Poison symptoms vary depending on the mushroom species. People should be concerned when there is a delay between the time a mushroom is eaten and symptoms begin, such as:
- Nausea.
- Vomiting.
- Severe diarrhea.
- Abdominal pain and cramping.
- Feeling like the heart is racing.
"The problem is, people just pass those symptoms off as, 'I've got the flu,' " said Heather Ferries, a nurse educator with the poison centre at Toronto's Hospital for Sick Children.
"Meanwhile, what's happening is that the toxin or the poison from the mushroom is actually eating away at your liver. You're developing liver damage from the toxin."
The centre advises people to call after eating a wild mushroom and not to wait until feeling sick. More severe symptoms include sweating, convulsions, hallucinations and coma.

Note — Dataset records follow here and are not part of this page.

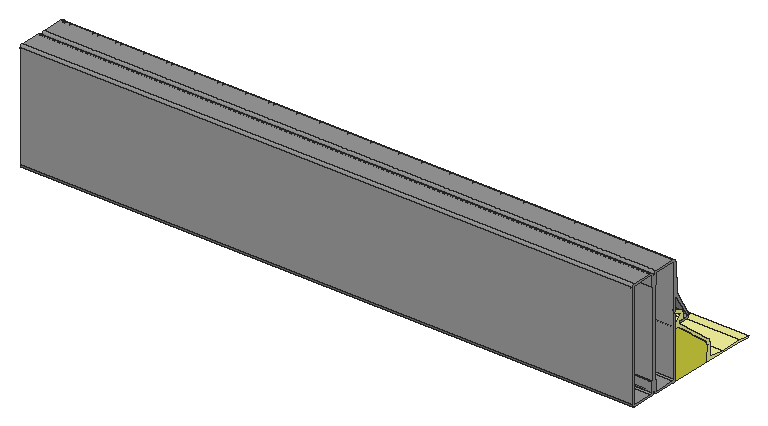
Revit family "HT HD 100", category Generic Models, Revit 2014
Parameters (values of type "Max lintel length 3600mm")
  URL = "http://www.keystonelintels.co.uk"
  Structural Opening [instance] = 900 mm
  Structural Performance = "The Keystone lintel range has safe working loads as detailed in each applicable loading table in the Keystone Lintel Guide brochure. The structural performance figures within each table have been ascertained by testing in accordance with the requirements of standards BS EN 5977-2: 1983 and BS EN 845-2: 2003."
  RIBA Productor Selector = "available for Keystone Lintels Ltd from Keystone Lintels Ltd from ribaproductselector.com"
  Model = "HT/HD 100"
  Min Length = 600 mm
  Min Clear Span = 300 mm
  Max Length = 3600 mm
  Max Clear Span = 3600 mm
  Material - Stainless Steel = "Grade 304 2b 1.4307 to BS EN 10088-2. Other grades available on request: contact manufacturer."
  Material - Galvanised Steel = "To BS EN 10346: 2009. DX51D plus Z600 or grade Z275 to BS 5977-2: 1983 (BS EN 845-2: 2003)."
  Manufacturer = "Keystone"
  Manufactured Length [instance] = (roundup(Effective Length / 150 mm) * 150 mm)  # 1200 mm
  Lintel height [instance] = 2100 mm
  Keynote = "F30/755"
  Fire Performance = "Keystone lintels have been subjected to a fire test (WARRES No. 101263) in accordance with BS 476-20: 1987, at Exova Warrington Fire and achieved a one hour fire performance."
  End Bearing = 150 mm
  Effective Length [instance] = Clear Opening with MIN MAX set + End Bearing * 2  # 1200 mm
  Corrosion = "Keystone’s standard range of lintels are manufactured from high quality grade pre-galvanized carbon steel with a zinc coating of 600"
  Contact Tel = "+44 (0)28 8676 2184"
  Contact Email = "info@keystonelintels.co.uk"
  Clear Opening with MIN MAX set [instance] = if(Structural Opening < Min Clear Span, Min Clear Span, (if(Structural Opening > Max Clear Span, Max Clear Span, Structural Opening)))  # 900 mm
  CPD Information = "Available for Keystone Lintels Ltd from ribacpd.com"
Reference planes
  plane 1 "Center (Front/Back)": y = 0
  plane 2: z = 0
  plane 3 "Center (Left/Right)": x = 0
  plane 4: x = -600
  plane 5: x = 600
  plane 6: z = 2100
  plane 7: x = -450
  plane 8: x = 450
Forms (mm)
  Extrusion 1, solid, material "GRP"
    sketch origin (0, 712.668, -503.754) x (0, 1, 0) y (0, 0, 1)
      loop
        line (-575.339, 2601.778) -> (-575.049, 2604.764) -> (-595.547, 2606.754) -> (-637.132, 2606.806) -> (-667.822, 2610.213)
        arc (-667.822, 2610.213) -> (-669.753, 2611.183) -> (-670.531, 2613.199) r 3
        line (-670.531, 2613.199) -> (-670.531, 2636.479)
        arc (-670.531, 2636.479) -> (-671.494, 2640.76) -> (-674.196, 2644.217) r 10
        line (-674.196, 2644.217) -> (-743.448, 2700.913)
        arc (-743.448, 2700.913) -> (-744, 2701.507) -> (-744.373, 2702.226) r 3
        line (-744.373, 2702.226) -> (-744.373, 2706.235) -> (-736.412, 2706.235) -> (-736.412, 2716.659)
        arc (-736.412, 2716.659) -> (-737.446, 2720.32) -> (-740.242, 2722.9) r 7
        line (-740.242, 2722.9) -> (-753.858, 2729.817)
        arc (-753.858, 2729.817) -> (-754.914, 2729.722) -> (-755.291, 2728.73) r 1
        line (-755.291, 2728.73) -> (-754.331, 2723.888) -> (-745.096, 2719.197)
        arc (-745.096, 2719.197) -> (-743.229, 2716.651) -> (-744.171, 2713.638) r 3.5
        line (-744.171, 2713.638) -> (-753.331, 2704.206) -> (-753.331, 2698.614)
        arc (-753.331, 2698.614) -> (-752.745, 2697.2) -> (-751.331, 2696.614) r 2
        line (-751.331, 2696.614) -> (-746.756, 2696.614)
        arc (-746.756, 2696.614) -> (-712.668, 2670.555) -> (-680.612, 2642.034) r 576.819
        arc (-680.612, 2642.034) -> (-675.743, 2634.81) -> (-674.509, 2626.186) r 19.484
        line (-674.509, 2626.186) -> (-675.549, 2613.701) -> (-675.549, 2606.754)
        arc (-675.549, 2606.754) -> (-677.085, 2605.254) -> (-675.549, 2603.754) r 1.5
        line (-675.549, 2603.754) -> (-595.692, 2603.754) -> (-575.339, 2601.778)
    from -600 to 600
  Extrusion 2, solid, material "Steel"
    sketch origin (0, 712.665, -503.747) x (0, 1, 0) y (0, 0, 1)
      loop
        arc (-758.922, 2603.771) -> (-755.393, 2605.232) -> (-753.931, 2608.761) r 4.991
        line (-753.931, 2608.761) -> (-753.931, 2756.658) -> (-724.798, 2709.098)
        arc (-724.798, 2709.098) -> (-724.625, 2706.006) -> (-727.277, 2704.408) r 3
        line (-727.277, 2704.408) -> (-734.041, 2704.408) -> (-744.041, 2704.408) -> (-744.041, 2701.907) -> (-734.041, 2701.907) -> (-727.28, 2701.907)
        arc (-727.28, 2701.907) -> (-722.433, 2704.806) -> (-722.695, 2710.448) r 5.501
        line (-722.695, 2710.448) -> (-751.425, 2757.6) -> (-751.425, 2785.347) -> (-753.923, 2785.347) -> (-753.923, 2813.708)
        arc (-753.923, 2813.708) -> (-755.388, 2817.246) -> (-758.927, 2818.712) r 5.004
        line (-758.927, 2818.712) -> (-799.977, 2818.712)
        arc (-799.977, 2818.712) -> (-803.506, 2817.25) -> (-804.968, 2813.721) r 4.991
        line (-804.968, 2813.721) -> (-807.88, 2813.721)
        arc (-807.88, 2813.721) -> (-809.342, 2817.25) -> (-812.872, 2818.712) r 4.991
        line (-812.872, 2818.712) -> (-853.922, 2818.712)
        arc (-853.922, 2818.712) -> (-857.461, 2817.246) -> (-858.926, 2813.707) r 5.004
        line (-858.926, 2813.707) -> (-858.926, 2608.751)
        arc (-858.926, 2608.751) -> (-857.461, 2605.213) -> (-853.922, 2603.747) r 5.004
        line (-853.922, 2603.747) -> (-812.872, 2603.747)
        arc (-812.872, 2603.747) -> (-809.324, 2605.227) -> (-807.88, 2608.79) r 4.992
        line (-807.88, 2608.79) -> (-804.987, 2608.79)
        arc (-804.987, 2608.79) -> (-803.517, 2605.241) -> (-799.967, 2603.771) r 5.02
        line (-799.967, 2603.771) -> (-758.922, 2603.771)
      loop
        arc (-758.925, 2606.254) -> (-757.158, 2606.986) -> (-756.425, 2608.754) r 2.5
        line (-756.425, 2608.754) -> (-756.425, 2813.704)
        arc (-756.425, 2813.704) -> (-757.158, 2815.472) -> (-758.925, 2816.204) r 2.5
        line (-758.925, 2816.204) -> (-799.974, 2816.204)
        arc (-799.974, 2816.204) -> (-801.742, 2815.472) -> (-802.474, 2813.704) r 2.5
        line (-802.474, 2813.704) -> (-802.474, 2794.704) -> (-804.974, 2794.704) -> (-804.974, 2627.754) -> (-802.474, 2627.754) -> (-802.474, 2608.754)
        arc (-802.474, 2608.754) -> (-801.742, 2606.986) -> (-799.974, 2606.254) r 2.5
        line (-799.974, 2606.254) -> (-758.925, 2606.254)
      loop
        line (-807.874, 2794.704) -> (-810.374, 2794.704) -> (-810.374, 2813.704)
        arc (-810.374, 2813.704) -> (-811.106, 2815.472) -> (-812.874, 2816.204) r 2.5
        line (-812.874, 2816.204) -> (-853.923, 2816.204)
        arc (-853.923, 2816.204) -> (-855.691, 2815.472) -> (-856.423, 2813.704) r 2.5
        line (-856.423, 2813.704) -> (-856.423, 2608.754)
        arc (-856.423, 2608.754) -> (-855.691, 2606.986) -> (-853.923, 2606.254) r 2.5
        line (-853.923, 2606.254) -> (-812.874, 2606.254)
        arc (-812.874, 2606.254) -> (-811.106, 2606.986) -> (-810.374, 2608.754) r 2.5
        line (-810.374, 2608.754) -> (-810.374, 2627.754) -> (-807.874, 2627.754) -> (-807.874, 2794.704)
    from -600 to 600
  Extrusion 3, solid, material "Insulation"
    sketch origin (0, 712.668, -503.754) x (0, 1, 0) y (0, 0, 1)
      loop
        line (-758.925, 2603.754) -> (-675.549, 2603.754)
        arc (-675.549, 2603.754) -> (-677.085, 2605.254) -> (-675.549, 2606.754) r 1.5
        line (-675.549, 2606.754) -> (-675.549, 2613.701) -> (-674.509, 2626.186)
        arc (-674.509, 2626.186) -> (-675.743, 2634.81) -> (-680.612, 2642.034) r 19.484
        arc (-680.612, 2642.034) -> (-712.668, 2670.555) -> (-746.756, 2696.614) r 576.819
        line (-746.756, 2696.614) -> (-753.925, 2696.614) -> (-753.925, 2608.754)
        arc (-753.925, 2608.754) -> (-755.39, 2605.218) -> (-758.925, 2603.754) r 5
    from -600 to 600
  Extrusion 4, solid, not visible
    sketch origin (0, 835.621, 1226.422) x (0, 1, 0) y (0, 0, 1)
      loop
        line (-575.339, 1001.778) -> (-575.049, 1004.764) -> (-595.547, 1006.754) -> (-637.132, 1006.806) -> (-667.822, 1010.213)
        arc (-667.822, 1010.213) -> (-669.753, 1011.183) -> (-670.531, 1013.199) r 3
        line (-670.531, 1013.199) -> (-670.531, 1036.479)
        arc (-670.531, 1036.479) -> (-671.494, 1040.76) -> (-674.196, 1044.217) r 10
        line (-674.196, 1044.217) -> (-743.448, 1100.913)
        arc (-743.448, 1100.913) -> (-744, 1101.507) -> (-744.373, 1102.226) r 3
        line (-744.373, 1102.226) -> (-744.373, 1106.235) -> (-736.412, 1106.235) -> (-736.412, 1116.659)
        arc (-736.412, 1116.659) -> (-737.446, 1120.32) -> (-740.242, 1122.9) r 7
        line (-740.242, 1122.9) -> (-753.858, 1129.817)
        arc (-753.858, 1129.817) -> (-754.914, 1129.722) -> (-755.291, 1128.73) r 1
        line (-755.291, 1128.73) -> (-754.331, 1123.888) -> (-745.096, 1119.197)
        arc (-745.096, 1119.197) -> (-743.229, 1116.651) -> (-744.171, 1113.638) r 3.5
        line (-744.171, 1113.638) -> (-753.331, 1104.206) -> (-753.331, 1098.614)
        arc (-753.331, 1098.614) -> (-752.745, 1097.2) -> (-751.331, 1096.614) r 2
        line (-751.331, 1096.614) -> (-746.756, 1096.614)
        arc (-746.756, 1096.614) -> (-712.668, 1070.555) -> (-680.612, 1042.034) r 576.819
        arc (-680.612, 1042.034) -> (-675.743, 1034.81) -> (-674.509, 1026.186) r 19.484
        line (-674.509, 1026.186) -> (-675.549, 1013.701) -> (-675.549, 1006.754)
        arc (-675.549, 1006.754) -> (-677.085, 1005.254) -> (-675.549, 1003.754) r 1.5
        line (-675.549, 1003.754) -> (-595.692, 1003.754) -> (-575.339, 1001.778)
    from 0 to 250
  Extrusion 5, solid, not visible
    sketch origin (0, 630.944, 1178.36) x (0, 1, 0) y (0, 0, 1)
      loop
        arc (-758.922, 1003.771) -> (-755.393, 1005.232) -> (-753.931, 1008.761) r 4.991
        line (-753.931, 1008.761) -> (-753.931, 1156.658) -> (-724.798, 1109.098)
        arc (-724.798, 1109.098) -> (-724.625, 1106.006) -> (-727.277, 1104.408) r 3
        line (-727.277, 1104.408) -> (-734.041, 1104.408) -> (-744.041, 1104.408) -> (-744.041, 1101.907) -> (-734.041, 1101.907) -> (-727.28, 1101.907)
        arc (-727.28, 1101.907) -> (-722.433, 1104.806) -> (-722.695, 1110.448) r 5.501
        line (-722.695, 1110.448) -> (-751.425, 1157.6) -> (-751.425, 1185.347) -> (-753.923, 1185.347) -> (-753.923, 1213.708)
        arc (-753.923, 1213.708) -> (-755.388, 1217.246) -> (-758.927, 1218.712) r 5.004
        line (-758.927, 1218.712) -> (-799.977, 1218.712)
        arc (-799.977, 1218.712) -> (-803.506, 1217.25) -> (-804.968, 1213.721) r 4.991
        line (-804.968, 1213.721) -> (-807.88, 1213.721)
        arc (-807.88, 1213.721) -> (-809.342, 1217.25) -> (-812.872, 1218.712) r 4.991
        line (-812.872, 1218.712) -> (-853.922, 1218.712)
        arc (-853.922, 1218.712) -> (-857.461, 1217.246) -> (-858.926, 1213.707) r 5.004
        line (-858.926, 1213.707) -> (-858.926, 1008.751)
        arc (-858.926, 1008.751) -> (-857.461, 1005.213) -> (-853.922, 1003.747) r 5.004
        line (-853.922, 1003.747) -> (-812.872, 1003.747)
        arc (-812.872, 1003.747) -> (-809.324, 1005.227) -> (-807.88, 1008.79) r 4.992
        line (-807.88, 1008.79) -> (-804.987, 1008.79)
        arc (-804.987, 1008.79) -> (-803.517, 1005.241) -> (-799.967, 1003.771) r 5.02
        line (-799.967, 1003.771) -> (-758.922, 1003.771)
      loop
        arc (-758.925, 1006.254) -> (-757.158, 1006.986) -> (-756.425, 1008.754) r 2.5
        line (-756.425, 1008.754) -> (-756.425, 1213.704)
        arc (-756.425, 1213.704) -> (-757.158, 1215.472) -> (-758.925, 1216.204) r 2.5
        line (-758.925, 1216.204) -> (-799.974, 1216.204)
        arc (-799.974, 1216.204) -> (-801.742, 1215.472) -> (-802.474, 1213.704) r 2.5
        line (-802.474, 1213.704) -> (-802.474, 1194.704) -> (-804.974, 1194.704) -> (-804.974, 1027.754) -> (-802.474, 1027.754) -> (-802.474, 1008.754)
        arc (-802.474, 1008.754) -> (-801.742, 1006.986) -> (-799.974, 1006.254) r 2.5
        line (-799.974, 1006.254) -> (-758.925, 1006.254)
      loop
        line (-807.874, 1194.704) -> (-810.374, 1194.704) -> (-810.374, 1213.704)
        arc (-810.374, 1213.704) -> (-811.106, 1215.472) -> (-812.874, 1216.204) r 2.5
        line (-812.874, 1216.204) -> (-853.923, 1216.204)
        arc (-853.923, 1216.204) -> (-855.691, 1215.472) -> (-856.423, 1213.704) r 2.5
        line (-856.423, 1213.704) -> (-856.423, 1008.754)
        arc (-856.423, 1008.754) -> (-855.691, 1006.986) -> (-853.923, 1006.254) r 2.5
        line (-853.923, 1006.254) -> (-812.874, 1006.254)
        arc (-812.874, 1006.254) -> (-811.106, 1006.986) -> (-810.374, 1008.754) r 2.5
        line (-810.374, 1008.754) -> (-810.374, 1027.754) -> (-807.874, 1027.754) -> (-807.874, 1194.704)
    from 0 to 250
  Extrusion 6, solid, not visible
    sketch origin (0, 942.122, 867.671) x (0, 1, 0) y (0, 0, 1)
      loop
        line (-758.925, 1003.754) -> (-675.549, 1003.754)
        arc (-675.549, 1003.754) -> (-677.085, 1005.254) -> (-675.549, 1006.754) r 1.5
        line (-675.549, 1006.754) -> (-675.549, 1013.701) -> (-674.509, 1026.186)
        arc (-674.509, 1026.186) -> (-675.743, 1034.81) -> (-680.612, 1042.034) r 19.484
        arc (-680.612, 1042.034) -> (-712.668, 1070.555) -> (-746.756, 1096.614) r 576.819
        line (-746.756, 1096.614) -> (-753.925, 1096.614) -> (-753.925, 1008.754)
        arc (-753.925, 1008.754) -> (-755.39, 1005.218) -> (-758.925, 1003.754) r 5
    from 0 to 250
Dimensions and locks
  equal spacing: plane 4, plane 3 "Center (Left/Right)", plane 5
  "Manufactured Length": plane 4 to plane 5
  "Lintel height": plane 6 to level
  "Structural Opening": plane 7 to plane 8
  equal spacing: plane 7, plane 3 "Center (Left/Right)", plane 8
  aligned and locked: level to plane 2
  aligned and locked: Extrusion 1 to plane 6
  aligned and locked: Extrusion 3 to plane 6
  aligned and locked: Extrusion 2 to plane 6
  aligned and locked: plane 5 to Extrusion 2
  aligned and locked: Extrusion 2 to plane 4
  aligned and locked: plane 5 to Extrusion 1
  aligned and locked: Extrusion 1 to plane 4
  aligned and locked: plane 5 to Extrusion 3
  aligned and locked: Extrusion 3 to plane 4
Automatic sketch dimensions
  Extrusion 1 sketch curve to Extrusion 1 sketch curve = 20.353 mm
  Extrusion 1 sketch curve to Extrusion 1 sketch curve = 0.29 mm
  Extrusion 1 sketch curve to Extrusion 1 sketch curve = 1.976 mm
  Extrusion 1 sketch curve to Extrusion 1 sketch curve = 2.986 mm  (x2)
  Extrusion 1 sketch curve to Extrusion 1 sketch curve = 0.145 mm
  Extrusion 1 sketch curve to Extrusion 1 sketch curve = 3 mm
  Extrusion 1 sketch curve to Extrusion 1 sketch curve = 41.44 mm
  Extrusion 1 sketch curve to Extrusion 1 sketch curve = 3.052 mm
  Extrusion 1 sketch curve to Extrusion 1 sketch curve = 38.418 mm
  Extrusion 1 sketch curve to Extrusion 1 sketch curve = 7.727 mm
  Extrusion 1 sketch curve to Extrusion 1 sketch curve = 6.459 mm
  Extrusion 1 sketch curve to Extrusion 1 sketch curve = 0.035 mm  (x2)
  Extrusion 1 sketch curve to Extrusion 1 sketch curve = 1.5 mm
  Extrusion 1 sketch curve to Extrusion 1 sketch curve = 6.948 mm
  Extrusion 1 sketch curve to Extrusion 1 sketch curve = 0.291 mm
  Extrusion 1 sketch curve to Extrusion 1 sketch curve = 23.281 mm
  Extrusion 1 sketch curve to Extrusion 1 sketch curve = 3.978 mm
  Extrusion 1 sketch curve to Extrusion 1 sketch curve = 10.293 mm
  Extrusion 1 sketch curve to Extrusion 1 sketch curve = 19.416 mm
  Extrusion 1 sketch curve to Extrusion 1 sketch curve = 1.622 mm
  Extrusion 1 sketch curve to Extrusion 1 sketch curve = 10.081 mm
  Extrusion 1 sketch curve to Extrusion 1 sketch curve = 0.081 mm
  Extrusion 1 sketch curve to Extrusion 1 sketch curve = 6.415 mm
  Extrusion 1 sketch curve to Extrusion 1 sketch curve = 404.24 mm
  Extrusion 1 sketch curve to Extrusion 1 sketch curve = 378.106 mm
  Extrusion 1 sketch curve to Extrusion 1 sketch curve = 66.145 mm
  Extrusion 1 sketch curve to Extrusion 1 sketch curve = 3.308 mm
  Extrusion 1 sketch curve to Extrusion 1 sketch curve = 4.3 mm
  Extrusion 1 sketch curve to Extrusion 1 sketch curve = 4.575 mm
  Extrusion 1 sketch curve to Extrusion 1 sketch curve = 2 mm
  Extrusion 1 sketch curve to Extrusion 1 sketch curve = 5.592 mm
  Extrusion 1 sketch curve to Extrusion 1 sketch curve = 0.722 mm
  Extrusion 1 sketch curve to Extrusion 1 sketch curve = 12.724 mm
  Extrusion 1 sketch curve to Extrusion 1 sketch curve = 0.925 mm
  Extrusion 1 sketch curve to Extrusion 1 sketch curve = 5.321 mm
  Extrusion 1 sketch curve to Extrusion 1 sketch curve = 7.961 mm
  Extrusion 1 sketch curve to Extrusion 1 sketch curve = 1.312 mm
  Extrusion 1 sketch curve to Extrusion 1 sketch curve = 3.021 mm
  Extrusion 1 sketch curve to Extrusion 1 sketch curve = 2.511 mm
  Extrusion 1 sketch curve to Extrusion 1 sketch curve = 2.438 mm
  Extrusion 1 sketch curve to Extrusion 1 sketch curve = 1.585 mm
  Extrusion 1 sketch curve to Extrusion 1 sketch curve = 9.235 mm
  Extrusion 1 sketch curve to Extrusion 1 sketch curve = 4.691 mm
  Extrusion 1 sketch curve to Extrusion 1 sketch curve = 1.684 mm
  Extrusion 1 sketch curve to Extrusion 1 sketch curve = 4.854 mm
  Extrusion 1 sketch curve to Extrusion 1 sketch curve = 0.474 mm
  Extrusion 1 sketch curve to Extrusion 1 sketch curve = 5.928 mm
  Extrusion 1 sketch curve to Extrusion 1 sketch curve = 1.434 mm
  Extrusion 1 sketch curve to Extrusion 1 sketch curve = 1.086 mm
  Extrusion 1 sketch curve to Extrusion 1 sketch curve = 0.981 mm
  Extrusion 1 sketch curve to Extrusion 1 sketch curve = 2.825 mm
  Extrusion 2 sketch curve to Extrusion 2 sketch curve = 0.003 mm  (x8)
  Extrusion 2 sketch curve to Extrusion 2 sketch curve = 0.015 mm
  Extrusion 2 sketch curve to Extrusion 2 sketch curve = 0.001 mm  (x3)
  Extrusion 2 sketch curve to Extrusion 2 sketch curve = 0 mm  (x5)
  Extrusion 2 sketch curve to Extrusion 2 sketch curve = 2.503 mm
  Extrusion 2 sketch curve to Extrusion 2 sketch curve = 2.501 mm
  Extrusion 2 sketch curve to Extrusion 2 sketch curve = 2.5 mm  (x8)
  Extrusion 2 sketch curve to Extrusion 2 sketch curve = 41.049 mm  (x2)
  Extrusion 2 sketch curve to Extrusion 2 sketch curve = 2.497 mm  (x2)
  Extrusion 2 sketch curve to Extrusion 2 sketch curve = 2.9 mm
  Extrusion 2 sketch curve to Extrusion 2 sketch curve = 2.507 mm
  Extrusion 2 sketch curve to Extrusion 2 sketch curve = 41.052 mm
  Extrusion 2 sketch curve to Extrusion 2 sketch curve = 41.05 mm
  Extrusion 2 sketch curve to Extrusion 2 sketch curve = 7.385 mm
  Extrusion 2 sketch curve to Extrusion 2 sketch curve = 10 mm
  Extrusion 2 sketch curve to Extrusion 2 sketch curve = 6.764 mm
  Extrusion 2 sketch curve to Extrusion 2 sketch curve = 2.481 mm
  Extrusion 2 sketch curve to Extrusion 2 sketch curve = 2.103 mm
  Extrusion 2 sketch curve to Extrusion 2 sketch curve = 0.036 mm  (x2)
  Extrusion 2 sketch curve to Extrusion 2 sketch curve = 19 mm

People may think they can tell safe varieties from poisonous ones, but the differences may not be visible to the naked eye, Ferries said. Cooking outdoor mushrooms does not make them safe to eat.
In other cases, newcomers to Canada think that the mushrooms that grow here resemble those found in China and other parts of the world and may not realize until it's too late that dangerous varieties grow here.
"It is dangerous to eat any mushroom that you have found outdoors," said Dr. Margaret Thompson, medical director of the poison centre. "Poisonous and non-poisonous mushrooms grow side by side. Only a mushroom expert can tell the difference, so avoid picking or eating mushrooms altogether."
To avoid mushroom poisonings, the centre recommends checking your lawn for mushrooms before children go out to play, especially after a rainfall. Any mushrooms found growing near a home should be removed and thrown out.